Wednesday, January 25, 2006

Tiny Football Player

This is old news, but not to me. I'm not a gamer, but from what I understand, the Madden football game lets you download rosters of real players into the game. But back in September, they had to take down a roster update because it showed New York Jets lineman Michael King as being only 7 inches tall. The cool thing is that there are pictures!

Friday, January 20, 2006

Geeky Friday: A rant about underlined links

A rant on why I don't like underlined links and why Bloglines and 37signals have prompted me to write about it.

When Tim Berners-Lee created the first web browser in the early 1990s, the links in the text were identifable because they were underlined. It wasn't possible to change the color of the text as Berners-Lee did his work on an early NeXT workstation. While these machines had plenty of cool features (see another article I wrote), they only had a four tone gray scale display. Modern browsers, and the displays we view them on, come in color.

Yet underlined links are still used in every web browser. I hate it. I think it's unnecessary and it makes the text appear busier and more difficult to read. So, the first thing I do with any new browser is to uncheck the "Underline Links" button. Here's a contrived example of the difference this can make. First, here's some text from Wikipedia without underlines. By choosing a darkish blue for links, the main text flows well from black to blue and back again. Yet it's still easy to figure out where to point your mouse to click on a link. Now the same text with underlines:

(Note - This is example is contrived for two reasons. One is that wikipedia text tends to have more in-line links than average pages. The other reason is that wikipedia's stylesheets disable underlines for all users -- not just those of us who already have them disabled. I had to manually re-enable them to create this example. The designers at Wikipedia feel as I do about underlines.)

If everything is a link, why differentiate?

A real, non-contrived example is the list of feeds as it currently appears on bloglines.com, shown below. This appears in a separate frame on the left side of the browser window. Clicking on any one of these links changes the content in the big frame on the right side of the browser. This is essentially a menu -- every one of these lines is a link. An additional visual cue to demonstrate that these are links is not needed, and yet, their stylesheet forces it on me.

Moving on to the next example... "I know there's a link here somewhere"

Another bad use of underlines is assuming that users haven't turned off underlined links. The Signal vs. Noise (SvN) blog, from 37signals, is guilty of this assumption. Ironically they are also the authors of the book Defensive Design for the Web (as well as the Ruby On Rails web framework and various web applications).

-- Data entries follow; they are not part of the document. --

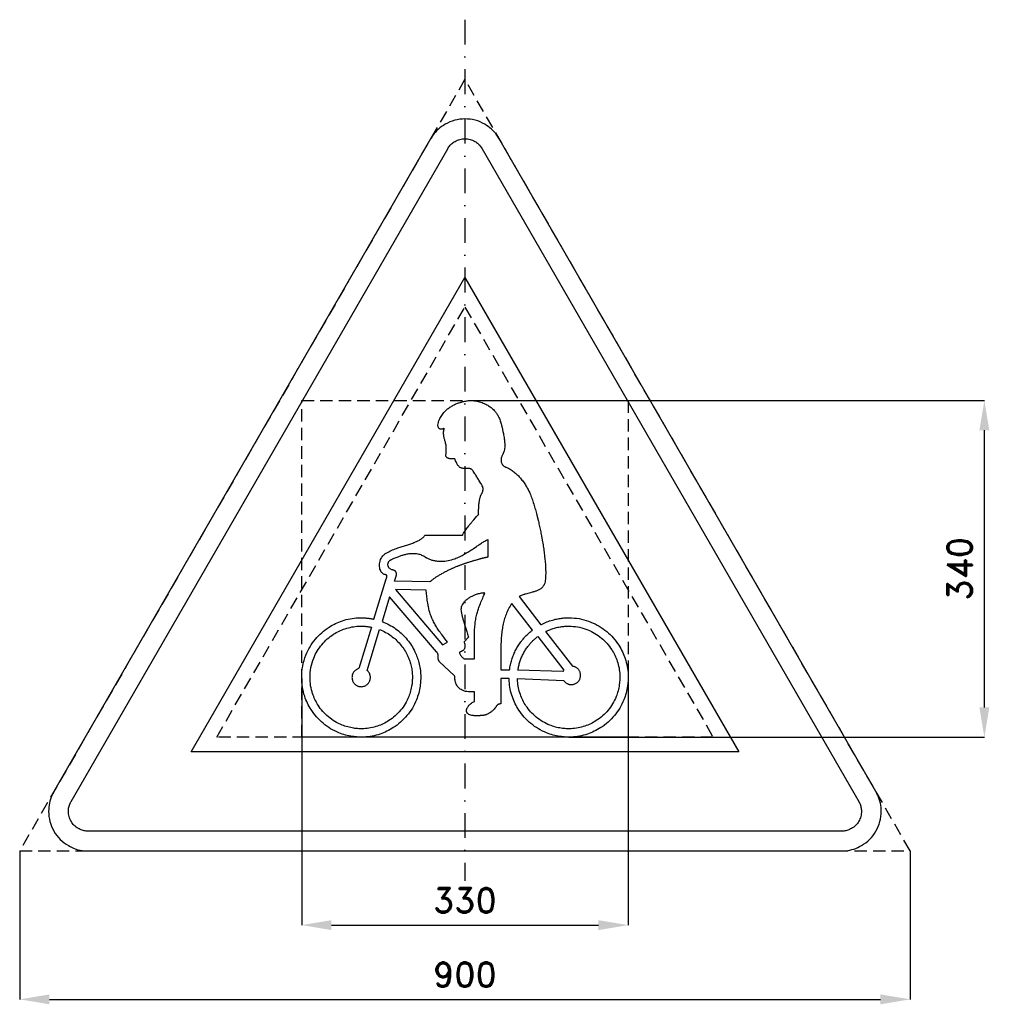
# Model space of a CAD drawing. Header units: millimetres. Extents: x -29 to 951, y -155 to 840.
import ezdxf

# ---------------------------------------------------------------- set-up
doc = ezdxf.new("R2010")
doc.units = ezdxf.units.MM
doc.header["$LTSCALE"] = 5
doc.linetypes.add('ČERCHOVANÁX2', pattern=[2, 1, -0.5, 0, -0.5])
doc.linetypes.add('ČÁRKOVANÁX2', pattern=[1.5, 1, -0.5])
doc.layers.add('Kóty', color=2, linetype='Continuous')
doc.layers.add('Značka', color=7, linetype='Continuous')
doc.styles.get("Standard").update_dxf_attribs({"font": 'romand.shx', "height": 25})
doc.dimstyles.get("Standard").update_dxf_attribs({"dimtxt": 25, "dimasz": 30, "dimexe": 0.18, "dimexo": 0.0625, "dimgap": 12.5, "dimtad": 1, "dimdec": 0, "dimzin": 0, "dimdsep": 46, "dimtxsty": 'Standard', "dimcen": 0.09, "dimadec": 0, "dimazin": 0, "dimtfac": 1, "dimtdec": 0, "dimtofl": 0, "dimtmove": 0, "dimatfit": 3, "dimfxl": 1, "dimtolj": 1, "dimtzin": 0, "dimarcsym": 0})

# ---------------------------------------------------------------- blocks, each defined once
blk = doc.blocks.new('*D0')
at = {"layer": 'Defpoints', "color": 0, "transparency": 16777216}
for p in [(255.72, 174.39), (585.7, 174.51), (585.7, -74.94)]:
    blk.add_point(p, dxfattribs=at)
at = {"layer": 'Kóty', "color": 0, "lineweight": -2, "transparency": 16777216}
for p, q in [((255.72, 174.32), (255.72, -75.12)), ((585.7, 174.45), (585.7, -75.12)), ((285.72, -74.94), (555.7, -74.94))]:
    blk.add_line(p, q, dxfattribs=at)
at = {"layer": 'Kóty', "color": 0, "transparency": 16777216}
for points in [[(285.72, -69.94), (285.72, -79.94), (255.72, -74.94)], [(555.7, -69.94), (555.7, -79.94), (585.7, -74.94)]]:
    blk.add_solid(points, dxfattribs=at)
at = {"layer": 'Kóty', "color": 0, "transparency": 16777216, "insert": (420.71, -49.94), "char_height": 25, "attachment_point": 5}
blk.add_mtext('\\A1;330', dxfattribs=at)
blk = doc.blocks.new('*D1')
at = {"layer": 'Defpoints', "color": 0, "transparency": 16777216}
for p in [(-29.28, 0.06), (870.72, 0.06), (870.72, -149.94)]:
    blk.add_point(p, dxfattribs=at)
at = {"layer": 'Kóty', "color": 0, "lineweight": -2, "transparency": 16777216}
for p, q in [((-29.28, 0), (-29.28, -150.12)), ((870.72, 0), (870.72, -150.12)), ((0.72, -149.94), (840.72, -149.94))]:
    blk.add_line(p, q, dxfattribs=at)
at = {"layer": 'Kóty', "color": 0, "transparency": 16777216}
for points in [[(0.72, -144.94), (0.72, -154.94), (-29.28, -149.94)], [(840.72, -144.94), (840.72, -154.94), (870.72, -149.94)]]:
    blk.add_solid(points, dxfattribs=at)
at = {"layer": 'Kóty', "color": 0, "transparency": 16777216, "insert": (420.72, -124.94), "char_height": 25, "attachment_point": 5}
blk.add_mtext('\\A1;900', dxfattribs=at)
blk = doc.blocks.new('*D2')
at = {"layer": 'Defpoints', "color": 0, "transparency": 16777216}
for p in [(426.79, 455), (945.72, 455), (525.55, 115)]:
    blk.add_point(p, dxfattribs=at)
at = {"layer": 'Kóty', "color": 0, "lineweight": -2, "transparency": 16777216}
for p, q in [((426.86, 455), (945.9, 455)), ((945.72, 145), (945.72, 425)), ((525.62, 115), (945.9, 115))]:
    blk.add_line(p, q, dxfattribs=at)
at = {"layer": 'Kóty', "color": 0, "transparency": 16777216}
for points in [[(940.72, 425), (950.72, 425), (945.72, 455)], [(940.72, 145), (950.72, 145), (945.72, 115)]]:
    blk.add_solid(points, dxfattribs=at)
at = {"layer": 'Kóty', "color": 0, "transparency": 16777216, "insert": (920.72, 285), "char_height": 25, "attachment_point": 5, "rotation": 90}
blk.add_mtext('\\A1;340', dxfattribs=at)

msp = doc.modelspace()

# ---------------------------------------------------------------- linework, layer by layer
at = {"layer": 'Značka', "color": 6, "linetype": 'ČERCHOVANÁX2', "lineweight": 25, "ltscale": 5}
msp.add_line((420.72, 839.71), (420.72, -30.29), dxfattribs=at)
at = {"layer": 'Značka', "color": 6, "linetype": 'ČÁRKOVANÁX2', "ltscale": 2.5}
for points in [[(870.72, 0.06), (420.72, 779.48), (-29.28, 0.06)], [(169.9, 115), (420.72, 549.42), (671.53, 115)]]:
    msp.add_lwpolyline(points, close=True, dxfattribs=at)
at = {"layer": 'Značka', "color": 5}
for points in [[(836.08, 60), (455.36, 719.42), (454.24, 721.19, 0.010748), (453.08, 722.93, 0.055773), (447.54, 729.17, 0.055979), (440.72, 734.06, 0.069561), (431.09, 738.14, 0.069791), (420.72, 739.42, 0.069502), (410.36, 738.12, 0.067732), (400.72, 734.06, 0.055944), (393.86, 729.2, 0.061133), (388.36, 722.93, 0.012257), (387.19, 721.2), (386.08, 719.42), (5.36, 60, 0.003576), (4.38, 58.15, 0.010722), (3.46, 56.27, 0.055711), (0.83, 48.35, 0.055985), (0, 40, 0.069591), (1.29, 29.62, 0.069767), (5.36, 20, 0.069481), (11.67, 11.68, 0.067775), (20, 5.36, 0.055964), (27.65, 1.85, 0.061097), (35.82, 0.22, 0.01224), (37.91, 0.07, 0.004081), (40, 0), (801.43, 0, 0.003581), (803.53, 0.08, 0.010743), (805.62, 0.22, 0.055797), (813.79, 1.9, 0.055991), (821.43, 5.36, 0.069582), (829.78, 11.66, 0.069787), (836.08, 20, 0.069497), (840.13, 29.62, 0.067792), (841.43, 40, 0.055928), (840.65, 48.37, 0.060939), (837.98, 56.27), (837.06, 58.15), (836.08, 60)], [(525.55, 235.51), (527.04, 235.49, -0.004776), (528.52, 235.44, -0.043309), (538.5, 234.16, -0.045822), (548.1, 231.14, -0.042868), (556.45, 227.03, -0.040654), (564, 221.6, -0.039745), (570.66, 215.18, -0.040816), (576.21, 207.78, -0.033055), (579.86, 201.25, -0.031681), (582.65, 194.3, -0.035592), (584.75, 186.37, -0.039764), (585.65, 178.23), (585.69, 176.74), (585.72, 175.26), (585.69, 173.77), (585.65, 172.28), (585.44, 169.35), (585.08, 166.44, -0.030237), (583.64, 159.44, -0.031629), (581.35, 152.67, -0.041533), (577.25, 144.33, -0.040811), (571.83, 136.75, -0.040424), (565.42, 130.07, -0.040914), (558.03, 124.53, -0.03297), (551.51, 120.87, -0.031758), (544.57, 118.07, -0.035722), (536.65, 115.96, -0.039875), (528.52, 115.07, -0.005786), (527.04, 115.03, -0.001929), (525.55, 115), (524.08, 115.03, -0.005306), (522.61, 115.07, -0.013484), (519.71, 115.28, -0.012584), (516.83, 115.63, -0.030046), (509.9, 117.04, -0.031416), (503.2, 119.3, -0.04126), (494.92, 123.34, -0.040486), (487.4, 128.67, -0.040067), (480.74, 134.99, -0.040484), (475.2, 142.28, -0.032577), (471.52, 148.7, -0.031353), (468.68, 155.56, -0.035245), (466.5, 163.38, -0.039374), (465.51, 171.4), (465.44, 172.87), (465.4, 174.34), (456.85, 174.34), (456.85, 148.5), (456.78, 148.5), (456.71, 148.5, 0.015237), (456.23, 148.48, 0.019124), (455.75, 148.42, 0.020712), (455.31, 148.34, 0.023458), (454.89, 148.22, 0.026005), (454.49, 148.07, 0.030417), (454.11, 147.87), (453.82, 147.69), (453.56, 147.48), (453.3, 147.21), (453.07, 146.92), (453.04, 146.87), (453, 146.81), (452.86, 146.62), (452.72, 146.44), (452.45, 146.08), (452.17, 145.73), (451.55, 144.92), (450.93, 144.12), (450.15, 143.18), (449.34, 142.28), (448.51, 141.45, -0.019715), (447.62, 140.68), (446.81, 140.07), (445.97, 139.49, -0.01623), (444.7, 138.69, -0.033929), (443.36, 138.03, -0.020141), (442.62, 137.74, -0.014908), (441.85, 137.51, -0.011461), (441.06, 137.31, -0.008923), (440.25, 137.14, -0.008378), (439.36, 136.98, -0.008308), (438.46, 136.86, -0.006703), (437.72, 136.77, -0.006495), (436.98, 136.7, -0.007762), (436.2, 136.66, -0.009924), (435.42, 136.63), (435.29, 136.63), (435.15, 136.63), (430.63, 136.63), (430.08, 136.64), (429.54, 136.66, -0.031626), (427.62, 136.85, -0.051107), (425.76, 137.35, -0.040193), (424.75, 137.8, -0.052588), (423.84, 138.43, -0.041752), (423.31, 138.95, -0.047264), (422.88, 139.55, -0.046095), (422.58, 140.18, -0.044624), (422.4, 140.85, -0.042691), (422.33, 141.57), (422.37, 142.29, -0.042237), (422.56, 143.26, -0.033957), (422.91, 144.19, -0.037957), (423.54, 145.39, -0.031014), (424.33, 146.5, -0.029322), (425.35, 147.65, -0.024925), (426.5, 148.68, -0.027973), (427.98, 149.79, -0.029848), (429.57, 150.71), (429.97, 150.91), (430.38, 151.11), (430.38, 160.67), (429.86, 160.65, -0.001921), (429.34, 160.62, -0.021876), (425.98, 160.62, -0.033237), (422.63, 160.99, -0.033388), (420.17, 161.54, -0.042523), (417.82, 162.46, -0.041009), (416.01, 163.5, -0.046276), (414.41, 164.83, -0.04847), (413.02, 166.49, -0.044705), (411.96, 168.37, -0.028048), (411.4, 169.78, -0.02262), (410.98, 171.23, -0.028716), (410.55, 173.49, -0.026211), (410.37, 175.77), (410.36, 176.36), (410.35, 176.96), (394.85, 191.37), (394.78, 191.46), (394.71, 191.55, -0.047235), (394.31, 192.22, -0.04009), (394.02, 192.95, -0.03167), (393.83, 193.68), (393.72, 194.44), (393.66, 195.21), (393.62, 195.99), (393.61, 196.59), (393.6, 197.2), (393.58, 197.9), (393.51, 198.6), (393.45, 198.93), (393.36, 199.24), (393.26, 199.5), (393.13, 199.75), (392.98, 200), (392.82, 200.24), (392.67, 200.44), (392.51, 200.63), (392.33, 200.85), (392.15, 201.06), (392.11, 201.09), (392.08, 201.13), (344.62, 256.63), (336.97, 231.7), (337.99, 231.3), (339, 230.89, -0.032843), (345.82, 227.56, -0.034212), (352.13, 223.34, -0.032566), (357.61, 218.7, -0.031251), (362.46, 213.4, -0.031118), (366.7, 207.56, -0.032064), (370.18, 201.24, -0.025979), (372.46, 195.84, -0.024783), (374.17, 190.23, -0.027815), (375.46, 183.95, -0.031005), (376, 177.57), (376.03, 176.41), (376.05, 175.26), (376.02, 173.77), (375.98, 172.28, -0.013562), (375.77, 169.35, -0.012655), (375.41, 166.44, -0.030228), (373.97, 159.44, -0.031616), (371.68, 152.67, -0.041536), (367.58, 144.33, -0.040814), (362.16, 136.75, -0.040421), (355.75, 130.07, -0.040914), (348.36, 124.53, -0.032972), (341.84, 120.87, -0.031763), (334.9, 118.07, -0.035722), (326.98, 115.96, -0.039876), (318.86, 115.07, -0.005786), (317.37, 115.03, -0.001929), (315.88, 115, -0.001786), (314.4, 115.03, -0.005352), (312.91, 115.07, -0.013608), (309.99, 115.28, -0.012695), (307.08, 115.64, -0.030315), (300.09, 117.08, -0.031691), (293.33, 119.38, -0.041618), (285, 123.48, -0.040883), (277.44, 128.91, -0.040439), (270.77, 135.33, -0.040632), (265.23, 142.73, -0.032952), (261.56, 149.26, -0.032589), (258.79, 156.21, -0.041765), (256.46, 165.6, -0.041904), (255.72, 175.26, -0.05019), (256.76, 186.78, -0.051328), (260.09, 197.84, -0.041589), (264.19, 206.19, -0.040257), (269.61, 213.76, -0.039727), (276.02, 220.43, -0.040785), (283.41, 225.99, -0.033058), (289.92, 229.65, -0.031754), (296.87, 232.44, -0.035684), (304.79, 234.55, -0.039877), (312.91, 235.44, -0.005797), (314.4, 235.49, -0.00194), (315.88, 235.51), (316.08, 235.51), (316.28, 235.51), (316.68, 235.51), (317.07, 235.5, -0.004117), (318.06, 235.47, -0.004322), (319.04, 235.43, -0.00579), (320.35, 235.35, -0.00573), (321.65, 235.24, -0.005683), (322.93, 235.1, -0.005758), (324.21, 234.94, -0.004504), (325.23, 234.78, -0.004328), (326.25, 234.62, -0.004752), (327.31, 234.42, -0.0053), (328.38, 234.2), (328.57, 234.16), (328.75, 234.12), (341.24, 274.82), (341.27, 274.94), (341.31, 275.05), (341.54, 275.77, 0.012578), (341.75, 276.5), (341.85, 276.93, 0.029741), (341.91, 277.37), (341.91, 277.64, 0.041495), (341.89, 277.91), (341.84, 278.1, 0.04541), (341.76, 278.28, 0.047085), (341.64, 278.44, 0.042505), (341.5, 278.58, 0.04157), (341.32, 278.72, 0.030098), (341.12, 278.83), (340.91, 278.92), (340.7, 278.99, 0.019543), (340.36, 279.07), (340.03, 279.14, -0.069716), (338.39, 279.73, -0.077854), (336.99, 280.77, -0.070659), (335.96, 282.08, -0.045707), (335.24, 283.61, -0.04897), (334.58, 285.99, -0.044249), (334.37, 288.44, -0.050527), (334.62, 291.42, -0.050432), (335.47, 294.3, -0.040523), (336.41, 296.28, -0.049029), (337.68, 298.05, -0.059605), (339.88, 300.05, -0.031966), (342.44, 301.63, -0.030394), (347.61, 304.09, -0.015374), (352.96, 306.05, -0.004311), (357.42, 307.52, -0.000273), (361.89, 308.96, 0.005548), (366.03, 310.32, 0.013376), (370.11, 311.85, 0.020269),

Here's how I see text on a snippet from SvN: Quick - where do you click to read the source article? There is no visual cue! When I move my mouse around, I find that the link is magically highlighted when I move over it.

Trying to follow links from this blog is like playing a video game.

Since most people either like the underlines or don't ever bother to change any preferences, I'll accept that this is a personal choice. But, if a site, such as SvN, decides that it prefers to use only underlines as visual cues for links, then it should be sure to enforce this using its stylesheet. It's not hard. In fact, 37signals already does so on their home page. (The SvN page does get positive marks from me for deciding that one visual cue to show links is enough -- they just need to make sure that their users see that one cue)

I need to finish this rant with clarifications about Bloglines and 37signals. I like the way the 37signals guys think and I own (and recommend) the above-mentioned book. I use Bloglines every day (although lately I've been forcing myself to use the invisibility cloak greasemonkey script to limit the times I catch up on news). Now, if they could just understand the way I feel about underlines.

Wednesday, January 18, 2006

Pandora - customized streaming music goodness

Earlier today I listened to episode 6 of the Inside the Net podcast in which the hosts interview the founder of Pandora. Here's how a TechCrunch post describes the site:
If you don’t agree that this is the coolest application you’ve seen in a long while, re-read this post over and over until you agree, because you are wrong. I am in love with Pandora.
No, wait, that's not very useful; accurate, but not useful. It's a streaming music application with a great recommendation engine, or, as my wife said when I described it to her: "the ultimate mix tape."

You create a "station" by suggesting a single artist or song and the Pandora application streams more music to you based on the data from the "Music Genome Project". As described in the podcast, Pandora employs trained musicians to analyze individual songs for some 400 attributes. From this, their recommendation engine suggests new songs for you to listen to. So, rather than relying on popular songs recommended by other users, it attempts to make recommendations based on musical qualities. You can also give some hints by explicitly giving a "thumbs up" or "thumbs down" to a song or by offering additional artists or songs as representative of the curent station.

About six or seven songs into my first station, seeded initially with R.E.M. and a similar band, The Feelies, it has produced mixed results -- good suggestions with songs from Collective Soul, The Cult, and Man Break, but off the mark with Iron Maiden and Poison. After giving the thumbs down to those last two, the quality picked up. Later I tried a couple different stations with different types of music. Again, I gave thumbs up and thumbs down a little bit and the selection of music improved.